┌──
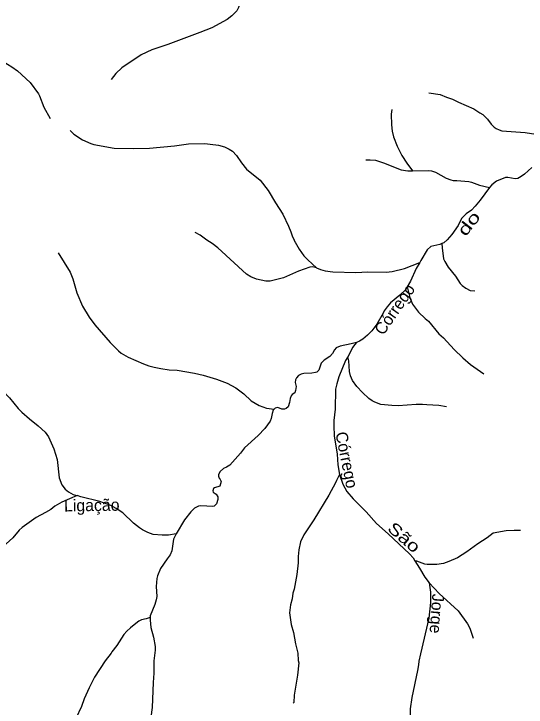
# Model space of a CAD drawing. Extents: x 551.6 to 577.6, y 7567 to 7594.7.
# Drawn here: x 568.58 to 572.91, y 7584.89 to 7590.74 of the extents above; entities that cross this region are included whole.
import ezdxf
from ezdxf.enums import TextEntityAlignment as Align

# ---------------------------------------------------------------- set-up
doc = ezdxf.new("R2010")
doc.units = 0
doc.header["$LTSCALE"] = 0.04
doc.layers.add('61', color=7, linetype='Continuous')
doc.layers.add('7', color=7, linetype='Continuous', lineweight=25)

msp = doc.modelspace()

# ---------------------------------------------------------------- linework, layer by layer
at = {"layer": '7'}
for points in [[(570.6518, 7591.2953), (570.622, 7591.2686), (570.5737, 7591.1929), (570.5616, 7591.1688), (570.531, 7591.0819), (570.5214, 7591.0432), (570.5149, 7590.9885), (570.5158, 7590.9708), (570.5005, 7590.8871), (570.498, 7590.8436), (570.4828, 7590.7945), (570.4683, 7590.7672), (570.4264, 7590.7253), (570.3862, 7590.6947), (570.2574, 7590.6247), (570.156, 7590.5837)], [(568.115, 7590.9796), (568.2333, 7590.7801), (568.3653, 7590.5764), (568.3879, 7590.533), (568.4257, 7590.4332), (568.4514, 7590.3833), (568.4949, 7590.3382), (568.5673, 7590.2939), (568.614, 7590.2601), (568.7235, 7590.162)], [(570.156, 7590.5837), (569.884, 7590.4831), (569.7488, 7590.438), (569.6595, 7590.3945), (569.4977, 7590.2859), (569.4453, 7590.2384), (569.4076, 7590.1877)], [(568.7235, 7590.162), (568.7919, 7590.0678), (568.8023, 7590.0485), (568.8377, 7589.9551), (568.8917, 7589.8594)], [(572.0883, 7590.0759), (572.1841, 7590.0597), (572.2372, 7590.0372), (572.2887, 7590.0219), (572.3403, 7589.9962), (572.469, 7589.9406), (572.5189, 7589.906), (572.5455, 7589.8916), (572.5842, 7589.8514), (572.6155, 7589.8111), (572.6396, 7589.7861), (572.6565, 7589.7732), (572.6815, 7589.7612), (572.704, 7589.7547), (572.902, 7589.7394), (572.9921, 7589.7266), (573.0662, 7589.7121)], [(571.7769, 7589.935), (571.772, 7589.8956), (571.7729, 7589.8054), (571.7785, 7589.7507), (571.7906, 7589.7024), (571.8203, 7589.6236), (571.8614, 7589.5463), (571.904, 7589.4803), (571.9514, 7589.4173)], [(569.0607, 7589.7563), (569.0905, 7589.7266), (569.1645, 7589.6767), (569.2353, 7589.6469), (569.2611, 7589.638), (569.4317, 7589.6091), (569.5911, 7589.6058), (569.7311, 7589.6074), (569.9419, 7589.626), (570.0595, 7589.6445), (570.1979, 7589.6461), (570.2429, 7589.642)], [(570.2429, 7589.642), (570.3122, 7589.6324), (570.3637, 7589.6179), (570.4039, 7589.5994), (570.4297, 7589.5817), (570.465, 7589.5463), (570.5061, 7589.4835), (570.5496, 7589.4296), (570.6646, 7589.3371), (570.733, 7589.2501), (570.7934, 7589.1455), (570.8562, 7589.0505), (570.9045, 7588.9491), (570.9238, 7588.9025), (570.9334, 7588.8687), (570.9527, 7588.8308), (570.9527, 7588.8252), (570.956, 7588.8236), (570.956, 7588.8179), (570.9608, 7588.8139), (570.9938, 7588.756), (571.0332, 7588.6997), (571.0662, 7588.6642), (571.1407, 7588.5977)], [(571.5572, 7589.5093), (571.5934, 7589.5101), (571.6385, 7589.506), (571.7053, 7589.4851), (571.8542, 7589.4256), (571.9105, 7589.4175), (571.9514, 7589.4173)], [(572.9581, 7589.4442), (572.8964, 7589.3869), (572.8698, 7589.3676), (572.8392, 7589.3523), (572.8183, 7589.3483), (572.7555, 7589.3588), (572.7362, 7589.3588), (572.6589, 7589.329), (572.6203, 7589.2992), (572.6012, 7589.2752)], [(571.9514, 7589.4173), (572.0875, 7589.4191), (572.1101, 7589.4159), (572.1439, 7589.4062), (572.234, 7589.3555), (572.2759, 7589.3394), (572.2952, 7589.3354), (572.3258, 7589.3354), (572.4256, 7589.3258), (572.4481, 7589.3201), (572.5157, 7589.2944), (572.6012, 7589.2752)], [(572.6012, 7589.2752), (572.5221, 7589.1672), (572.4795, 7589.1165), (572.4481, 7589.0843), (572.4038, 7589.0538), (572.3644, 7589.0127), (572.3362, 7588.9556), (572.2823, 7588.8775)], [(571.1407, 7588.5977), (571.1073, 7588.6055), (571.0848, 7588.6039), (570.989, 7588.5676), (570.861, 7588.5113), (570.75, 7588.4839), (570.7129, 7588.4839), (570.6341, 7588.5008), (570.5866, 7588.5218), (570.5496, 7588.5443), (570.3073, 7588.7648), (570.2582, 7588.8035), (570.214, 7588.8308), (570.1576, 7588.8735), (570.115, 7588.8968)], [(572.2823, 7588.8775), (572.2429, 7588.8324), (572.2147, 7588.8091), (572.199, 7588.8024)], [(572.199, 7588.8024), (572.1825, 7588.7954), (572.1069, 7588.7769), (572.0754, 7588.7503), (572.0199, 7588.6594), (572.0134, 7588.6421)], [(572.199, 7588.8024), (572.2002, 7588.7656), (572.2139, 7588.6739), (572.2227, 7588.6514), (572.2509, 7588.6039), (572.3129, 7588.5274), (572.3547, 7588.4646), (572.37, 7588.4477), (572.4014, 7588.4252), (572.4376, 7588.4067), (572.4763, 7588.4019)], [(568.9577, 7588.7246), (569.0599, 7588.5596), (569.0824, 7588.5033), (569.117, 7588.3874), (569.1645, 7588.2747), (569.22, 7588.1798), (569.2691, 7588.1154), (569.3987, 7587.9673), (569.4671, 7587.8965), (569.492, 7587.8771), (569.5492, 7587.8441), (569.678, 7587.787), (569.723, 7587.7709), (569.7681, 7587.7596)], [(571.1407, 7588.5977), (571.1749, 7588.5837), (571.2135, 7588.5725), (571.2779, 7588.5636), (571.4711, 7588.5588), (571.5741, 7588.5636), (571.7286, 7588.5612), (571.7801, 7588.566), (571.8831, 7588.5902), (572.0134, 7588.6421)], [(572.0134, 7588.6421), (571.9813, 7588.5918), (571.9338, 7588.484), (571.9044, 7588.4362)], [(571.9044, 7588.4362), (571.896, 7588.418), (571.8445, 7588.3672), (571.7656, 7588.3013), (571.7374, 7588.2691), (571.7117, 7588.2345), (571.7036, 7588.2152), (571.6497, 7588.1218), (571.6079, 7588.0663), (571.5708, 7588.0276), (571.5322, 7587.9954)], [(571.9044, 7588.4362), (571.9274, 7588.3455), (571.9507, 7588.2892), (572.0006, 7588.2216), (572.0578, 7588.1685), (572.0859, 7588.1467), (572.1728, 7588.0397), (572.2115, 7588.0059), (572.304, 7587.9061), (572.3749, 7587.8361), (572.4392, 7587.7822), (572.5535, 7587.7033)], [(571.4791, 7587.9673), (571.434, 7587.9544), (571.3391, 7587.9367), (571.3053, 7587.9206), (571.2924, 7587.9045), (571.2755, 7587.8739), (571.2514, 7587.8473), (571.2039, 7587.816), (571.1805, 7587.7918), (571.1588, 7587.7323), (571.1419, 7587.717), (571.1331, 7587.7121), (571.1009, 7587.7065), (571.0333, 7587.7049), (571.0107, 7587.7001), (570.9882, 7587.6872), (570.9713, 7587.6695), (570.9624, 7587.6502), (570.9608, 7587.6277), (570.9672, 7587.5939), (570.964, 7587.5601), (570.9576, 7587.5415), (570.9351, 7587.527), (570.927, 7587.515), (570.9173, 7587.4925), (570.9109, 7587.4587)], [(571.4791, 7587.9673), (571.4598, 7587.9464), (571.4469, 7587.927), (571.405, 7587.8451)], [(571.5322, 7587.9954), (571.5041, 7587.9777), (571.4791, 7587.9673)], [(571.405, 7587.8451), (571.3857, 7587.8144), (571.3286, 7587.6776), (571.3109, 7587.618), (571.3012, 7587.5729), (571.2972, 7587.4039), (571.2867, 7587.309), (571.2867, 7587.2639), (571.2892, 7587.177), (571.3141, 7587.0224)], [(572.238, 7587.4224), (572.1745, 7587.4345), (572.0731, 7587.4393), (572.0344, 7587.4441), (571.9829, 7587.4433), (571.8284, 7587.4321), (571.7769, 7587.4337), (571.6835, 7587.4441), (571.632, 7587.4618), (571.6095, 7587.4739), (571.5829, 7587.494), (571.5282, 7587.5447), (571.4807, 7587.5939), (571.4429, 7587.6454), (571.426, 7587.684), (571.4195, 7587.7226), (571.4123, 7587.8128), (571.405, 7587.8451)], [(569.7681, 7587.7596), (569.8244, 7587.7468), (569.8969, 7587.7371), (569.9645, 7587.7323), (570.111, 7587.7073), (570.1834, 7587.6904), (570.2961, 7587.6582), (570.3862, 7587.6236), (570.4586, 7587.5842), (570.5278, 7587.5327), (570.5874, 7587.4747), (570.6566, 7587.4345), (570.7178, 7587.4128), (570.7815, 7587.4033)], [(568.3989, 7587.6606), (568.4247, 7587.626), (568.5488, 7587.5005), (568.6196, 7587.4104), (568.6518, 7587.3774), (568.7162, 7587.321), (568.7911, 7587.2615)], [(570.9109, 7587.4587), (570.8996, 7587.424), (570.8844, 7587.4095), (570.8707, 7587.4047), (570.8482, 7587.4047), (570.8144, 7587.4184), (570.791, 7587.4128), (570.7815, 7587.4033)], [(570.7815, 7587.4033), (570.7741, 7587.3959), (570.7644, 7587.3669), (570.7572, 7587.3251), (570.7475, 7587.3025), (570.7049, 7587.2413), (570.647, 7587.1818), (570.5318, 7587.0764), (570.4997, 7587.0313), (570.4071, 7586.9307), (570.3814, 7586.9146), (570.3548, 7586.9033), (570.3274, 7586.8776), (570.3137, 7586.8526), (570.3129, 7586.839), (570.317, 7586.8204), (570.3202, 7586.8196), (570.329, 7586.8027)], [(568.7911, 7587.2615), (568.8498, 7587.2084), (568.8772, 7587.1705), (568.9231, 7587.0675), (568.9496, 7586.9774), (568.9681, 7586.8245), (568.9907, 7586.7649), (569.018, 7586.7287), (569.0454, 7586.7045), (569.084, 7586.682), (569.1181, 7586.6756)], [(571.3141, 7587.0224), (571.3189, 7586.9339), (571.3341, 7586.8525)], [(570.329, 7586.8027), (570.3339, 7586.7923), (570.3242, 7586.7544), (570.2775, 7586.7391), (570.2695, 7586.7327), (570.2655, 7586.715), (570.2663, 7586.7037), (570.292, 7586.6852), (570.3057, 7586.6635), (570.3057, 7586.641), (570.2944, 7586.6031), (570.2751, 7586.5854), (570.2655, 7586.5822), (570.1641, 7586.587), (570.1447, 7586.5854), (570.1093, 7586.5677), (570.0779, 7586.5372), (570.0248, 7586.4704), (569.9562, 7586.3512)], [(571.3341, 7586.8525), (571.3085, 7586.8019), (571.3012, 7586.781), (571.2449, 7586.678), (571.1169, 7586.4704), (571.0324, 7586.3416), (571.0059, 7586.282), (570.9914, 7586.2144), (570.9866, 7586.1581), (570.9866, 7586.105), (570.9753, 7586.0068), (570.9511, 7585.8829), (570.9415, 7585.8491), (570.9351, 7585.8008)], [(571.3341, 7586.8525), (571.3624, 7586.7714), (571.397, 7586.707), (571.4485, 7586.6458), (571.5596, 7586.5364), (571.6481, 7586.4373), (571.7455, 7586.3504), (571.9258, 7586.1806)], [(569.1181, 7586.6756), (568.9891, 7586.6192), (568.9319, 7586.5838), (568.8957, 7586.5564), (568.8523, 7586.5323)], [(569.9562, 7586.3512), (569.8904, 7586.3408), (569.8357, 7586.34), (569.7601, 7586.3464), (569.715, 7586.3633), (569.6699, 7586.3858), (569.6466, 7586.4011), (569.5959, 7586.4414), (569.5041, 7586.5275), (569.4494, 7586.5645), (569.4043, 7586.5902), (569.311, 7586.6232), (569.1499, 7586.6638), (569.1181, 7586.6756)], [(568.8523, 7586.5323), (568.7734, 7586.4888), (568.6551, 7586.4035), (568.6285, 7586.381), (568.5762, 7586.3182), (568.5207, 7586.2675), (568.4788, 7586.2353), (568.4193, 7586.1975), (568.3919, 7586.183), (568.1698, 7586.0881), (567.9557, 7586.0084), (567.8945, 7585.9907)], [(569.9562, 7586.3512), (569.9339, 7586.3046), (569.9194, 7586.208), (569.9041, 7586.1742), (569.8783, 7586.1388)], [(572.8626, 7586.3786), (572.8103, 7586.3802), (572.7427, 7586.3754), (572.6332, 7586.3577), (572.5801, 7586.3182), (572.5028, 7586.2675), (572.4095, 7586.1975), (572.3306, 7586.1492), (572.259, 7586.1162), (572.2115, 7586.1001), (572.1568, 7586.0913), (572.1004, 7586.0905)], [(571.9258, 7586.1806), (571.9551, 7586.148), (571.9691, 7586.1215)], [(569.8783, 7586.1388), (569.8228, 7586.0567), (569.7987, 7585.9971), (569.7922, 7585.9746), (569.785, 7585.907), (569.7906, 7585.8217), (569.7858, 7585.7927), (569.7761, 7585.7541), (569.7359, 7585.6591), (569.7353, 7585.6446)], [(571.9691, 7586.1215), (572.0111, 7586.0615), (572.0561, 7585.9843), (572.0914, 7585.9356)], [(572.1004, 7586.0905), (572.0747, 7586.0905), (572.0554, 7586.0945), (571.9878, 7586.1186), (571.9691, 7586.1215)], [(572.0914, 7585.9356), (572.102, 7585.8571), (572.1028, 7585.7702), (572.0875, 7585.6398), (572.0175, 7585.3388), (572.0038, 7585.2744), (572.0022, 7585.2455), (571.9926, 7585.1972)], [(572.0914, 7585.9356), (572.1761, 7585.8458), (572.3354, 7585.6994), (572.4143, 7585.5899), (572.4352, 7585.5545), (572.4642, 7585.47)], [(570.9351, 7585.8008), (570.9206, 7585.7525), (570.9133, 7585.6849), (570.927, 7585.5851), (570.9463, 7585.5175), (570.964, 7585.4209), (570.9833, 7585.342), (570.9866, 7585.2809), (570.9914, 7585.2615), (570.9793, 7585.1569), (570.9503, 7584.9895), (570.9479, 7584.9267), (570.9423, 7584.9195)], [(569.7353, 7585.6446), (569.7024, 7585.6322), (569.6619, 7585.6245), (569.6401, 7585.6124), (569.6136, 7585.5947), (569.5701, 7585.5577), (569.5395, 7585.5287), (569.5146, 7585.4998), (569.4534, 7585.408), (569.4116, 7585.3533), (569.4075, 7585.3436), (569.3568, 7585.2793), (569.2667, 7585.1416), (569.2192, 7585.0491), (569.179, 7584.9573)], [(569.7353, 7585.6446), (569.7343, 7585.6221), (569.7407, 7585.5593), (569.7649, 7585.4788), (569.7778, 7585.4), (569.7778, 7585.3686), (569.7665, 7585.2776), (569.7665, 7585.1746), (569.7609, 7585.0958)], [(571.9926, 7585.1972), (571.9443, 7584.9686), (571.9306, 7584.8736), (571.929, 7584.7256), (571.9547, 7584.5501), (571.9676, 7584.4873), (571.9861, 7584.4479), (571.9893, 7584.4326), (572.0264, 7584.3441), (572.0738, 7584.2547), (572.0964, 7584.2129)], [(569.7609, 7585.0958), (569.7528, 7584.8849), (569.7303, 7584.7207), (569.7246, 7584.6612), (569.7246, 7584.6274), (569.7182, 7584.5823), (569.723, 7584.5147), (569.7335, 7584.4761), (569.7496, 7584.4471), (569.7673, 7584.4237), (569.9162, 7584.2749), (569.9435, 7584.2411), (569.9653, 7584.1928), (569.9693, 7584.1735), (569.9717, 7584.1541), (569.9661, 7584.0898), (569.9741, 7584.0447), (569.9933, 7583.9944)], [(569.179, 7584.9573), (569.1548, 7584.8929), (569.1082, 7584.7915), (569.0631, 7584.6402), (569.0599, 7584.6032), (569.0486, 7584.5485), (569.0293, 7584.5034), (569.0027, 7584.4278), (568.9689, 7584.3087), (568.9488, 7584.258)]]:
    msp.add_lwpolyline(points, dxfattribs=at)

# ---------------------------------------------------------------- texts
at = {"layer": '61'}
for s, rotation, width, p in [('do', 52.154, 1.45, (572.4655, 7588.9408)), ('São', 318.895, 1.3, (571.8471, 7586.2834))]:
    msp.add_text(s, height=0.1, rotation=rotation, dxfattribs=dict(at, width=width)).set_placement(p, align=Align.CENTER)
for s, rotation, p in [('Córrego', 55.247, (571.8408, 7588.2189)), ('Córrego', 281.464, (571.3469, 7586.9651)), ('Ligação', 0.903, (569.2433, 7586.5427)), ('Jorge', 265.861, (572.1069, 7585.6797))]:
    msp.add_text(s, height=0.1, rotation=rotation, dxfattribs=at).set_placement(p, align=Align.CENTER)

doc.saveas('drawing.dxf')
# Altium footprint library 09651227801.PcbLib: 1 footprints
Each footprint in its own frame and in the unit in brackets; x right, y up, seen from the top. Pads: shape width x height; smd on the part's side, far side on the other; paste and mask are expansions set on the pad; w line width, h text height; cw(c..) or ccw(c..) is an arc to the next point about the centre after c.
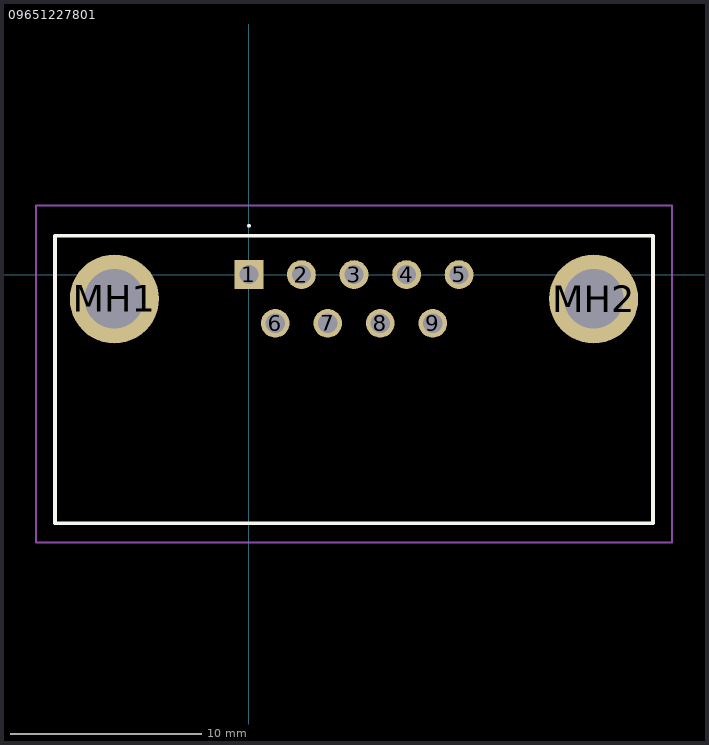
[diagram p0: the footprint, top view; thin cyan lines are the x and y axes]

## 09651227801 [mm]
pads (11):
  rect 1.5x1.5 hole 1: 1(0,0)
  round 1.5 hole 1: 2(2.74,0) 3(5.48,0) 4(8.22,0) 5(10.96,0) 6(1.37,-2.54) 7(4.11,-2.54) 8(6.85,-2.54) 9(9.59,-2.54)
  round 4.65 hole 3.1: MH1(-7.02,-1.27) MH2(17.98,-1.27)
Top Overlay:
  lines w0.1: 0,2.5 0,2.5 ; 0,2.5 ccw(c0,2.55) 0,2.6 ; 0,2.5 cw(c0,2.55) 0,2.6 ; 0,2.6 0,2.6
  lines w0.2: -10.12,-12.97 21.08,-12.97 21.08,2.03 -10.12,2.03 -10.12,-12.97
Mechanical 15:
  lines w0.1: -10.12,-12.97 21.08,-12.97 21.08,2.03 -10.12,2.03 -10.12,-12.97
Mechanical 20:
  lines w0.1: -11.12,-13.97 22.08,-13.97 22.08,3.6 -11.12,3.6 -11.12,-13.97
└──
** Your instructions **
If a line in the records holds the string "dxfattribs", copy it.

** Output **
    msp.add_lwpolyline(points, dxfattribs=at)
    msp.add_text(s, height=0.1, rotation=rotation, dxfattribs=dict(at, width=width)).set_placement(p, align=Align.CENTER)
    msp.add_text(s, height=0.1, rotation=rotation, dxfattribs=at).set_placement(p, align=Align.CENTER)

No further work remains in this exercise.